Steve Kinney

Recording HARs for Network Isolation

Shelf talks to the Open Library API to look up books. It’s a lovely free service—and also not something I want my end-to-end test suite to depend on.

Here’s the problem in one paragraph. Your CI runs a test that searches for “Station Eleven” against the real Open Library API. Most days it works. Some days Open Library is slow, and the test times out. Some days they change the response shape slightly, and your test starts asserting on fields that have moved. One day they rate-limit you, because of course they do, and every test that touches book search fails at once. Your main branch turns red and your team spends twenty minutes figuring out that it’s not your code—it’s somebody else’s server having a bad afternoon.

The solution is not to “make the test more resilient.” The solution is to stop hitting the real server in tests and replay a recording instead. Playwright has a built-in tool for this, called HAR recording, and it is one of the most underused features in the whole framework.

What a HAR file is

HAR stands for HTTP Archive. It’s a JSON format—standardized, though every tool adds its own flavor—that records an entire HTTP session: every request, every response, every header, every body, every timing. Chrome DevTools’ Network tab can export one. curl can sort of export one. Playwright can both record and replay them.

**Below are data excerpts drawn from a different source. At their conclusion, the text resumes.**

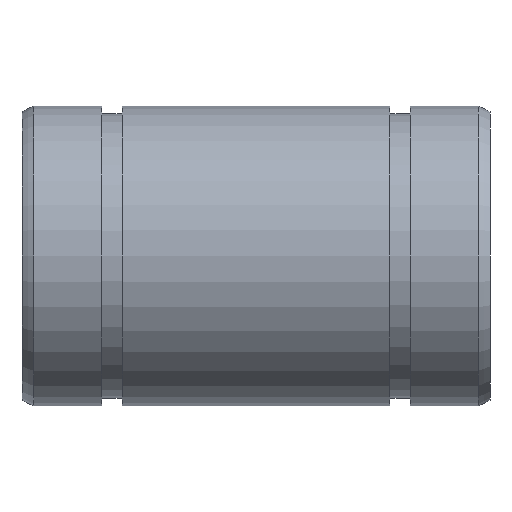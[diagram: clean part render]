
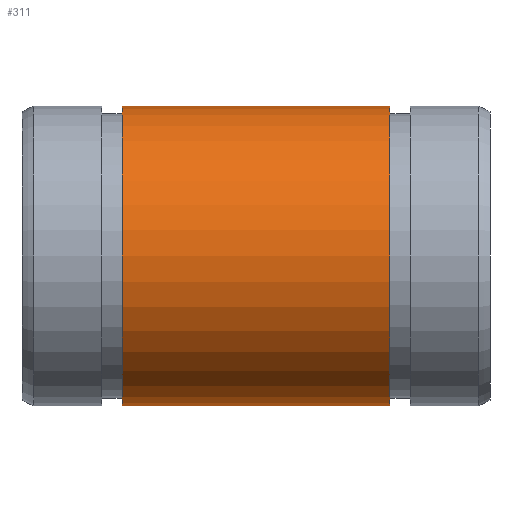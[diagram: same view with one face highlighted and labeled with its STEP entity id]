
A CAD part, front view. The second image highlights one B-rep face of the part: STEP entity #311.
In plain terms, the highlighted cylindrical face has radius 8 mm (diameter 16 mm), a full revolution.
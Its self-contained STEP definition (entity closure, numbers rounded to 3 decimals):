
#277=CARTESIAN_POINT('',(19.65,0.0,8.));
#278=VERTEX_POINT('',#277);
#279=CARTESIAN_POINT('',(19.65,0.0,0.));
#280=DIRECTION('',(-1.0,0.0,0.0));
#281=DIRECTION('',(0.0,0.0,1.0));
#282=AXIS2_PLACEMENT_3D('',#279,#280,#281);
#283=CIRCLE('',#282,8.);
#284=EDGE_CURVE('',#278,#278,#283,.T.);
#292=CARTESIAN_POINT('',(12.5,0.0,0.));
#293=DIRECTION('',(-1.0,0.0,0.0));
#294=DIRECTION('',(0.0,0.0,1.0));
#295=AXIS2_PLACEMENT_3D('',#292,#293,#294);
#296=CYLINDRICAL_SURFACE('',#295,8.);
#297=CARTESIAN_POINT('',(5.35,0.0,8.));
#298=VERTEX_POINT('',#297);
#299=CARTESIAN_POINT('',(5.35,0.0,0.));
#300=DIRECTION('',(-1.0,0.0,0.0));
#301=DIRECTION('',(0.0,0.0,1.0));
#302=AXIS2_PLACEMENT_3D('',#299,#300,#301);
#303=CIRCLE('',#302,8.0);
#304=EDGE_CURVE('',#298,#298,#303,.T.);
#305=ORIENTED_EDGE('',*,*,#304,.F.);
#306=EDGE_LOOP('',(#305));
#307=FACE_OUTER_BOUND('',#306,.T.);
#308=ORIENTED_EDGE('',*,*,#284,.T.);
#309=EDGE_LOOP('',(#308));
#310=FACE_BOUND('',#309,.T.);
#311=ADVANCED_FACE('',(#307,#310),#296,.T.);

A recorded HAR is a snapshot of what the network actually did during a single browser session. When you replay it, Playwright intercepts outgoing requests from the browser and serves the matching recorded response instead of letting the request go to the real network. Same URL, same method, same headers—serve the recorded response. The browser can’t tell the difference.

Recording

You record a HAR by running a test (or a script) in recording mode. Playwright’s preferred API is page.routeFromHAR with update: true:

test('search for books', async ({ page }) => {
  await page.routeFromHAR('tests/fixtures/open-library-search.har', {
    url: '**/openlibrary.org/**',
    update: true, // <-- record mode
  });

  await page.goto('/search');
  await page.getByLabel('Search').fill('Station Eleven');
  await page.getByRole('button', { name: 'Search' }).click();
  await expect(page.getByText('Emily St. John Mandel')).toBeVisible();
});

Run this once, with update: true, pointed at the real API. Playwright records every matching request and writes a HAR file to tests/fixtures/open-library-search.har. Open it in your editor—it’s JSON, it’s enormous, and you should not be tempted to hand-edit it. Treat it as a binary artifact that happens to be JSON-shaped. (See the .gitignore section below for handling sensitive data in HARs.)

Commit the HAR file to the repo. This is not optional. The whole point is that the next time this test runs, it reads the HAR from disk and doesn’t touch the real network.

Replaying

Now delete the update: true line (or set it to false):

test('search for books', async ({ page }) => {
  await page.routeFromHAR('tests/fixtures/open-library-search.har', {
    url: '**/openlibrary.org/**',
    // update omitted—replay mode
  });

  await page.goto('/search');
  await page.getByLabel('Search').fill('Station Eleven');
  await page.getByRole('button', { name: 'Search' }).click();
  await expect(page.getByText('Emily St. John Mandel')).toBeVisible();
});

Run the test. It runs in milliseconds instead of seconds. It works on a plane. It works when Open Library is down. It works identically on every run, because the response is literally a file on disk.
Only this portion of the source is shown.